Catalunya analizará los microplásticos en los ríos catalanes

  • La Agència Catalana de l'Aigua impulsa un estudio pionero sobre microplásticos en 54 puntos de los principales ríos catalanes.
  • El contrato, de más de 291.000 euros y 23 meses de duración, incluye 123 muestras repartidas en tres campañas de muestreo.
  • Se analizarán partículas de polímeros sintéticos como polietileno, polipropileno y poliestireno en ríos y depuradoras.
  • Los resultados servirán para diseñar nuevas medidas de saneamiento y reducir la contaminación plástica en los ecosistemas fluviales.

Ríos catalanes y microplásticos

La presencia de microplásticos en los ríos catalanes ha dejado de ser un problema difuso para convertirse en una prioridad en la agenda ambiental.

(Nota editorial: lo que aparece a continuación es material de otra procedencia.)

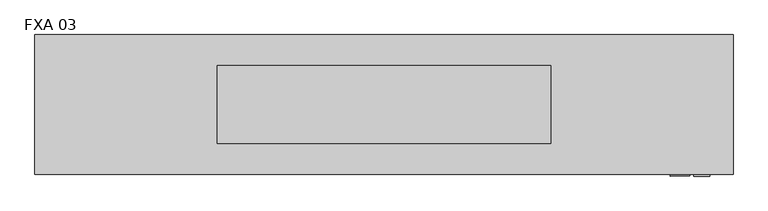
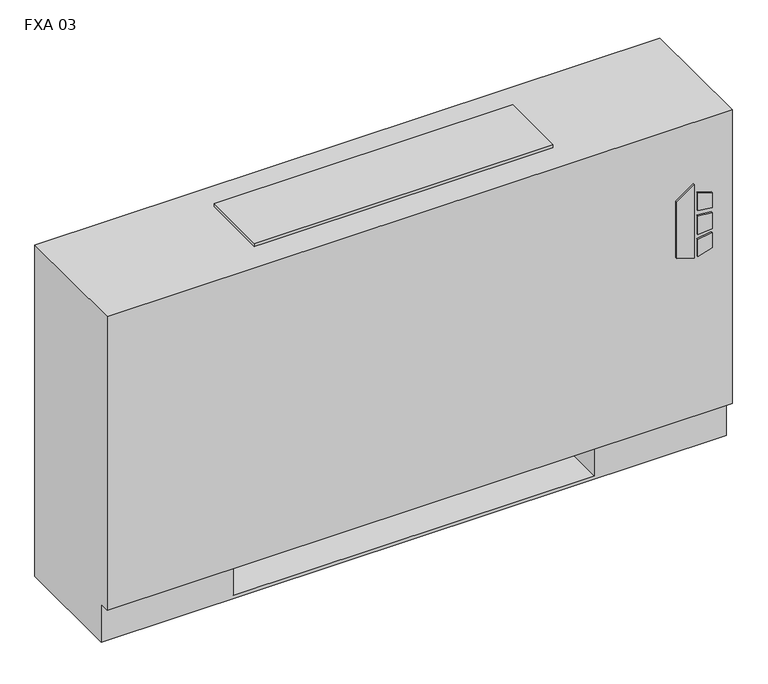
"""IFC4 building model written with IfcOpenShell, lengths in millimetres: proxy geometry, Vertical_Fan_Coil_Unit_-_FXA_-_IEC_-_4-Pipe_TS-FR_LH_2022 : FXA 03."""

from ifc_helpers import new_model, si_unit, point, frame, frame_2d, origin, place, context, project, spatial, polyline, circle_curve, trimmed, segment, composite_curve, outline, extrude, source, transform, mapped, element, save
from ifc_brep_helpers import plane_surface, revolved_surface, advanced_brep


def fxa_03_145d4354(model_context):
    return source(origin(), model_context, "Body", "SolidModel", [
        extrude(outline(polyline([(391.6086829, 620.7868862), (381.6606126, 652.9602728), (523.831537, 652.9602728), (500.8095309, 620.7868862), (391.6086829, 620.7868862)])), frame((0.0, 12.7, 0.0), z_axis=(0.0, 1.0, 0.0), x_axis=(0.0, 0.0, 1.0)), (0.0, 0.0, 1.0), 3.175),
        extrude(outline(polyline([(470.6079683, 659.7186058), (467.4055757, 685.8), (496.6344168, 685.8), (504.6988318, 659.7186058), (470.6079683, 659.7186058)])), frame((0.0, 12.7, 0.0), z_axis=(0.0, 1.0, 0.0), x_axis=(0.0, 0.0, 1.0)), (0.0, 0.0, 1.0), 3.175),
        extrude(outline(polyline([(418.7444414, 685.8), (415.0789404, 659.7186058), (381.6606126, 659.7186058), (390.2948498, 685.8), (418.7444414, 685.8)])), frame((0.0, 12.7, 0.0), z_axis=(0.0, 1.0, 0.0), x_axis=(0.0, 0.0, 1.0)), (0.0, 0.0, 1.0), 3.175),
        extrude(outline(polyline([(458.0596028, 685.8), (460.3414292, 659.7186058), (424.4038806, 659.7186058), (427.1451456, 685.8), (458.0596028, 685.8)])), frame((0.0, 12.7, 0.0), z_axis=(0.0, 1.0, 0.0), x_axis=(0.0, 0.0, 1.0)), (0.0, 0.0, 1.0), 3.175),
        extrude(outline(polyline([(603.25, 223.266), (603.25, 81.534), (482.6, 81.534), (482.6, 223.266), (603.25, 223.266)])), frame((0.0, 0.0, 327.025), z_axis=(0.0, 0.0, 1.0), x_axis=(1.0, 0.0, 0.0)), (0.0, 0.0, 1.0), 260.35),
        extrude(outline(composite_curve([segment(trimmed(circle_curve(frame_2d((-241.3, 130.175)), 9.525), [point((-250.825, 130.175))], [point((-231.775, 130.175))], False, "CARTESIAN"), True, "CONTINUOUS"), segment(trimmed(circle_curve(frame_2d((-241.3, 130.175)), 9.525), [point((-231.775, 130.175))], [point((-250.825, 130.175))], False, "CARTESIAN"), True, "CONTINUOUS")], self_intersect=False)), frame((0.0, 0.0, 101.6), z_axis=(0.0, 0.0, 1.0), x_axis=(1.0, 0.0, 0.0)), (0.0, 0.0, 1.0), 25.4),
        extrude(outline(polyline([(-336.55, 63.5), (-336.55, 196.85), (-177.8, 196.85), (-177.8, 63.5), (-336.55, 63.5)])), frame((0.0, 0.0, 127.0), z_axis=(0.0, 0.0, 1.0), x_axis=(1.0, 0.0, 0.0)), (0.0, 0.0, 1.0), 50.8),
        extrude(outline(composite_curve([segment(trimmed(circle_curve(frame_2d((117.475, 472.44)), 7.9375), [point((117.475, 480.3775))], [point((117.475, 464.5025))], False, "CARTESIAN"), True, "CONTINUOUS"), segment(trimmed(circle_curve(frame_2d((117.475, 472.44)), 7.9375), [point((117.475, 464.5025))], [point((117.475, 480.3775))], False, "CARTESIAN"), True, "CONTINUOUS")], self_intersect=False)), frame((-228.6, 0.0, 0.0), z_axis=(1.0, 0.0, 0.0), x_axis=(0.0, 1.0, 0.0)), (0.0, 0.0, 1.0), 50.8),
        extrude(outline(composite_curve([segment(trimmed(circle_curve(frame_2d((164.0586, 445.897)), 7.9375), [point((164.0586, 453.8345))], [point((164.0586, 437.9595))], False, "CARTESIAN"), True, "CONTINUOUS"), segment(trimmed(circle_curve(frame_2d((164.0586, 445.897)), 7.9375), [point((164.0586, 437.9595))], [point((164.0586, 453.8345))], False, "CARTESIAN"), True, "CONTINUOUS")], self_intersect=False)), frame((-228.6, 0.0, 0.0), z_axis=(1.0, 0.0, 0.0), x_axis=(0.0, 1.0, 0.0)), (0.0, 0.0, 1.0), 50.8),
        extrude(outline(composite_curve([segment(trimmed(circle_curve(frame_2d((130.175, 554.99)), 7.9502), [point((130.175, 562.9402))], [point((130.175, 547.0398))], False, "CARTESIAN"), True, "CONTINUOUS"), segment(trimmed(circle_curve(frame_2d((130.175, 554.99)), 7.9502), [point((130.175, 547.0398))], [point((130.175, 562.9402))], False, "CARTESIAN"), True, "CONTINUOUS")], self_intersect=False)), frame((-228.6, 0.0, 0.0), z_axis=(1.0, 0.0, 0.0), x_axis=(0.0, 1.0, 0.0)), (0.0, 0.0, 1.0), 50.8),
        extrude(outline(composite_curve([segment(trimmed(circle_curve(frame_2d((53.975, 416.56)), 7.9502), [point((53.975, 424.5102))], [point((53.975, 408.6098))], False, "CARTESIAN"), True, "CONTINUOUS"), segment(trimmed(circle_curve(frame_2d((53.975, 416.56)), 7.9502), [point((53.975, 408.6098))], [point((53.975, 424.5102))], False, "CARTESIAN"), True, "CONTINUOUS")], self_intersect=False)), frame((-228.6, 0.0, 0.0), z_axis=(1.0, 0.0, 0.0), x_axis=(0.0, 1.0, 0.0)), (0.0, 0.0, 1.0), 50.8),
        advanced_brep(
        [(723.9, 244.475, 641.35), (-419.1, 244.475, 641.35), (-419.1, 15.875, 641.35), (723.9, 15.875, 641.35), (-419.1, 244.475, 0.0), (723.9, 244.475, 0.0), (723.9, 34.925, 0.0), (-419.1, 34.925, 0.0), (482.6, 244.475, 73.025), (711.2, 244.475, 73.025), (711.2, 244.475, 628.65), (482.6, 244.475, 628.65), (482.6, 244.475, 414.8650565), (511.175, 244.475, 414.8650565), (511.175, 244.475, 385.2349435), (482.6, 244.475, 385.2349435), (482.6, 244.475, 287.3375), (511.175, 244.475, 287.3375), (511.175, 244.475, 258.7625), (482.6, 244.475, 258.7625), (482.6, 244.475, 141.2875), (511.175, 244.475, 141.2875), (511.175, 244.475, 112.7125), (482.6, 244.475, 112.7125), (-177.8, 244.475, 628.65), (-406.4, 244.475, 628.65), (-406.4, 244.475, 73.025), (-177.8, 244.475, 73.025), (-177.8, 244.475, 112.7125), (-206.375, 244.475, 112.7125), (-206.375, 244.475, 141.2875), (-177.8, 244.475, 141.2875), (-177.8, 244.475, 258.7625), (-206.375, 244.475, 258.7625), (-206.375, 244.475, 287.3375), (-177.8, 244.475, 287.3375), (-177.8, 244.475, 385.2349435), (-206.375, 244.475, 385.2349435), (-206.375, 244.475, 414.8650565), (-177.8, 244.475, 414.8650565), (500.8626, 244.475, 127.0), (489.7374, 244.475, 127.0), (500.8626, 244.475, 400.05), (489.7374, 244.475, 400.05), (500.8626, 244.475, 273.05), (489.7374, 244.475, 273.05), (-184.9374, 244.475, 127.0), (-196.0626, 244.475, 127.0), (-184.9374, 244.475, 273.05), (-196.0626, 244.475, 273.05), (-184.9374, 244.475, 400.05), (-196.0626, 244.475, 400.05), (-419.1, 34.925, 73.025), (-419.1, 15.875, 73.025), (723.9, 15.875, 73.025), (723.9, 34.925, 73.025), (-177.8, 34.925, 73.025), (-177.8, 219.075, 73.025), (482.6, 219.075, 73.025), (482.6, 34.925, 73.025), (482.6, 34.925, 6.35), (-177.8, 34.925, 6.35), (482.6, 41.275, 628.65), (711.2, 41.275, 628.65), (711.2, 41.275, 73.025), (482.6, 41.275, 73.025), (-177.8, 41.275, 628.65), (-177.8, 41.275, 73.025), (-406.4, 41.275, 73.025), (-406.4, 41.275, 628.65), (482.6, 219.075, 73.025), (482.6, 238.125, 112.7125), (482.6, 238.125, 141.2875), (482.6, 238.125, 258.7625), (482.6, 238.125, 287.3375), (482.6, 238.125, 385.2349435), (482.6, 238.125, 414.8650565), (-177.8, 219.075, 73.025), (-177.8, 238.125, 414.8650565), (-177.8, 238.125, 385.2349435), (-177.8, 238.125, 287.3375), (-177.8, 238.125, 258.7625), (-177.8, 238.125, 141.2875), (-177.8, 238.125, 112.7125), (-177.8, 219.075, 6.35), (482.6, 219.075, 6.35), (511.175, 238.125, 112.7125), (511.175, 238.125, 141.2875), (489.7374, 238.125, 127.0), (500.8626, 238.125, 127.0), (511.175, 238.125, 258.7625), (511.175, 238.125, 287.3375), (489.7374, 238.125, 273.05), (500.8626, 238.125, 273.05), (511.175, 238.125, 385.2349435), (511.175, 238.125, 414.8650565), (489.7374, 238.125, 400.05), (500.8626, 238.125, 400.05), (-206.375, 238.125, 141.2875), (-206.375, 238.125, 112.7125), (-196.0626, 238.125, 127.0), (-184.9374, 238.125, 127.0), (-206.375, 238.125, 287.3375), (-206.375, 238.125, 258.7625), (-196.0626, 238.125, 273.05), (-184.9374, 238.125, 273.05), (-206.375, 238.125, 414.8650565), (-206.375, 238.125, 385.2349435), (-196.0626, 238.125, 400.05), (-184.9374, 238.125, 400.05)],
        [
            (0, 1),
            (1, 2),
            (2, 3),
            (3, 0),
            (4, 5),
            (5, 6),
            (6, 7),
            (7, 4),
            (0, 5),
            (4, 1),
            (8, 9),
            (9, 10),
            (10, 11),
            (11, 12),
            (12, 13),
            (13, 14),
            (14, 15),
            (15, 16),
            (16, 17),
            (17, 18),
            (18, 19),
            (19, 20),
            (20, 21),
            (21, 22),
            (22, 23),
            (23, 8),
            (24, 25),
            (25, 26),
            (26, 27),
            (27, 28),
            (28, 29),
            (29, 30),
            (30, 31),
            (31, 32),
            (32, 33),
            (33, 34),
            (34, 35),
            (35, 36),
            (36, 37),
            (37, 38),
            (38, 39),
            (39, 24),
            (40, 41, circle_curve(frame((495.3, 244.475, 127.0), z_axis=(0.0, -1.0, 0.0), x_axis=(-1.0, 0.0, 0.0)), 5.5626)),
            (41, 40, circle_curve(frame((495.3, 244.475, 127.0), z_axis=(0.0, -1.0, 0.0), x_axis=(-1.0, 0.0, 0.0)), 5.5626)),
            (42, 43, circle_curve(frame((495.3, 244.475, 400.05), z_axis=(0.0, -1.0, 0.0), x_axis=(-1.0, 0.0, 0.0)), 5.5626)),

Estos fragmentos diminutos de plástico, que pueden pasar casi desapercibidos a simple vista, se acumulan en el agua dulce y terminan llegando a zonas húmedas, embalses y, finalmente, al mar, con posibles efectos sobre la fauna, los ecosistemas y la salud humana.

Para disponer por primera vez de una radiografía detallada de la contaminación por microplásticos en los cursos fluviales de Catalunya, la Agència Catalana de l’Aigua (ACA) ha puesto en marcha un ambicioso proyecto de muestreo y análisis. Se trata de un contrato ya licitado, dotado con más de 291.000 euros, que permitirá estudiar de forma sistemática qué tipo de partículas plásticas circulan por los ríos y cómo influyen en la calidad del agua.

Un contrato pionero para medir la contaminación invisible

Estudio de microplásticos en ríos

La ACA ha licitado un contrato específico para llevar a cabo este “censo de microplásticos” en las masas de agua dulce más representativas del territorio. La inversión prevista supera los 291.000 euros y el documento fija un plazo total de 23 meses, que incluye tanto el trabajo de campo como el análisis de laboratorio y la elaboración de conclusiones.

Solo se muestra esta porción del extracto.